▶ What the task requires
Scan each line of the entries below for the word "building" and count the ones where it appears. The answer is that number alone.

▶ Dataset records
....................

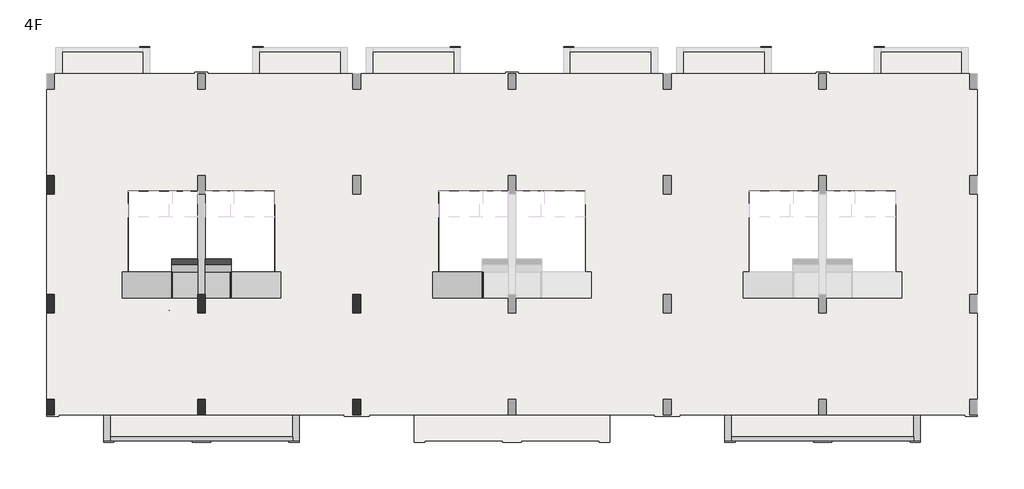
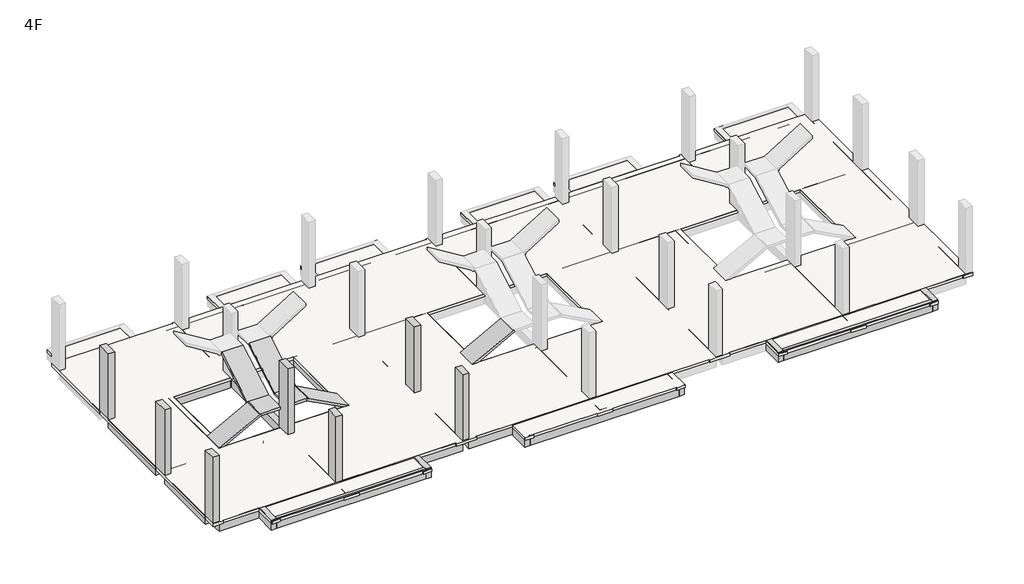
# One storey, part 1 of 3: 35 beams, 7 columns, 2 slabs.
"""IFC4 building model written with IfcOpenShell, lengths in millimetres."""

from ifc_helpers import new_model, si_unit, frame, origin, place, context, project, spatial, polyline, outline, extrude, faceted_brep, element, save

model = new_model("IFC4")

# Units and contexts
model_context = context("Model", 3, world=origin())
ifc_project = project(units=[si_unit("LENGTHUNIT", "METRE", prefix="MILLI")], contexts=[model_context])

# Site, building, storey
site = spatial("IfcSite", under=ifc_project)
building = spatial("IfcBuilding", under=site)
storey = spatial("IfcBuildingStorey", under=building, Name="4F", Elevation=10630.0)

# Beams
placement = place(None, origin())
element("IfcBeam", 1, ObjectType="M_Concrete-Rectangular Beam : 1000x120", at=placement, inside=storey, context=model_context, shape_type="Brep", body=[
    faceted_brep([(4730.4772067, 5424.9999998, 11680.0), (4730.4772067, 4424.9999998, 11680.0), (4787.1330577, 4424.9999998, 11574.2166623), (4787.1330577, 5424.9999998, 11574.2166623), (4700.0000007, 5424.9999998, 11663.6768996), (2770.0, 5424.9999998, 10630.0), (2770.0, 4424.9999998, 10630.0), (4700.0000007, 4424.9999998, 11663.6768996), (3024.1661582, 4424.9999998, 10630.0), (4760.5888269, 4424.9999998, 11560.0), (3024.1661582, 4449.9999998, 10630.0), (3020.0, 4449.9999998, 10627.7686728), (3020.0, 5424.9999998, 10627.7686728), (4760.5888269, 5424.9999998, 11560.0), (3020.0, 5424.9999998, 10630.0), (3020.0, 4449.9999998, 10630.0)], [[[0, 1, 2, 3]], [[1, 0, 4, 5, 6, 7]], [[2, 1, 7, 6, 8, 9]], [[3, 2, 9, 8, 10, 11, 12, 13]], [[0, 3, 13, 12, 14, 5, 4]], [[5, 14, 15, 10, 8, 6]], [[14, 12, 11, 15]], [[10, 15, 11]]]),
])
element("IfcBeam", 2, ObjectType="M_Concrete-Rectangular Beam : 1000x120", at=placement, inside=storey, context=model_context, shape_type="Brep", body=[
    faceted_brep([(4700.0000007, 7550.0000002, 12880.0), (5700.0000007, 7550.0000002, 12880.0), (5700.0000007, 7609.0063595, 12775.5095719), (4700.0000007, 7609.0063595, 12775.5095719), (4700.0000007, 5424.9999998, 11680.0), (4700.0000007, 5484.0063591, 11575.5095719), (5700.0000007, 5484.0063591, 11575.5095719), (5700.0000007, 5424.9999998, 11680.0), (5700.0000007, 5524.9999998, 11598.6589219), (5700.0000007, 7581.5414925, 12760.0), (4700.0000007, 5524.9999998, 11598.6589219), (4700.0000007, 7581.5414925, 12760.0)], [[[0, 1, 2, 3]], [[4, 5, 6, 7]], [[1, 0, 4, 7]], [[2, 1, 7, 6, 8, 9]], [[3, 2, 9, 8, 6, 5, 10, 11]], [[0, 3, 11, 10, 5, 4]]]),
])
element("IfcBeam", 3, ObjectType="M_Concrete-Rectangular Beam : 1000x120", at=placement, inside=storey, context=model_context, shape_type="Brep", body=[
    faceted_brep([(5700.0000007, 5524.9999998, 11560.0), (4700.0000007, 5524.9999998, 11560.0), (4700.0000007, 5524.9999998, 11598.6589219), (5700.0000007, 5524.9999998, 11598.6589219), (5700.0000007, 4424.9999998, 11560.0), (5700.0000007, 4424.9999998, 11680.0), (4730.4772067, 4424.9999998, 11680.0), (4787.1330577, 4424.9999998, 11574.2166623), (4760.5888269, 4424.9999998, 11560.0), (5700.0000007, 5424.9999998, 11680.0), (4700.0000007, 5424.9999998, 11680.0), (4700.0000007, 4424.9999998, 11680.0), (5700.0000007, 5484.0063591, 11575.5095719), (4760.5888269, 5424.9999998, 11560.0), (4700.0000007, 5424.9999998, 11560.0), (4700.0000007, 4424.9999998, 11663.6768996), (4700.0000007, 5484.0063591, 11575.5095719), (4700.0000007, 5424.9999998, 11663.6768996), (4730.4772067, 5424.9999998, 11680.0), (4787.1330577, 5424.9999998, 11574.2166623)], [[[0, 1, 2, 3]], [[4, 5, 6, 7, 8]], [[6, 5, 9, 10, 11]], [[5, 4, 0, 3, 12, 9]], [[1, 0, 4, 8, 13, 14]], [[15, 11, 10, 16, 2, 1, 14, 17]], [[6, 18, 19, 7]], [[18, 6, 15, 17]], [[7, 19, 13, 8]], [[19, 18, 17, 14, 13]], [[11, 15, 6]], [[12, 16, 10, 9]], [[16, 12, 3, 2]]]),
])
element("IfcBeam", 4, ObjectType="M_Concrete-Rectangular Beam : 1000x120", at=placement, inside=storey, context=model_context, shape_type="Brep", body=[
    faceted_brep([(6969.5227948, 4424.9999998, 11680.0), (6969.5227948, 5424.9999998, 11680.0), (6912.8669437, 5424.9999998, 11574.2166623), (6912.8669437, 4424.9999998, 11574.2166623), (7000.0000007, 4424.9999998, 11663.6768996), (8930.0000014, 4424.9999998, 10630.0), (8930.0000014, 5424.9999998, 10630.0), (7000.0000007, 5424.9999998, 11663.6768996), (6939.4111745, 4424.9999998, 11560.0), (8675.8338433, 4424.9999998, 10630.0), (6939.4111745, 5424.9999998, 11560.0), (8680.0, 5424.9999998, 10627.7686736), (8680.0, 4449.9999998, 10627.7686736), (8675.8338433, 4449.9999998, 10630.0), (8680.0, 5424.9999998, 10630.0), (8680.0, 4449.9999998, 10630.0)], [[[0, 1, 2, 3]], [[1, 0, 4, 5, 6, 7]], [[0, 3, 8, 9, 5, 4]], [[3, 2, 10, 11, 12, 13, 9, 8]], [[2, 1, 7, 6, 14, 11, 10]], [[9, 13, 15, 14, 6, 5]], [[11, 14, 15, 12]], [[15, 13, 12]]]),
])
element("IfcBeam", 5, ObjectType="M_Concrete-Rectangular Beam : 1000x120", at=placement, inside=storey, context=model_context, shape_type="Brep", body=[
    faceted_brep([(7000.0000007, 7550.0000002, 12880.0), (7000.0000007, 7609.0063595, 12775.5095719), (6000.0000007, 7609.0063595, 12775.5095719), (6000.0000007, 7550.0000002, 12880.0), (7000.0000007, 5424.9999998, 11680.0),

....................

▶ Solution to this task
4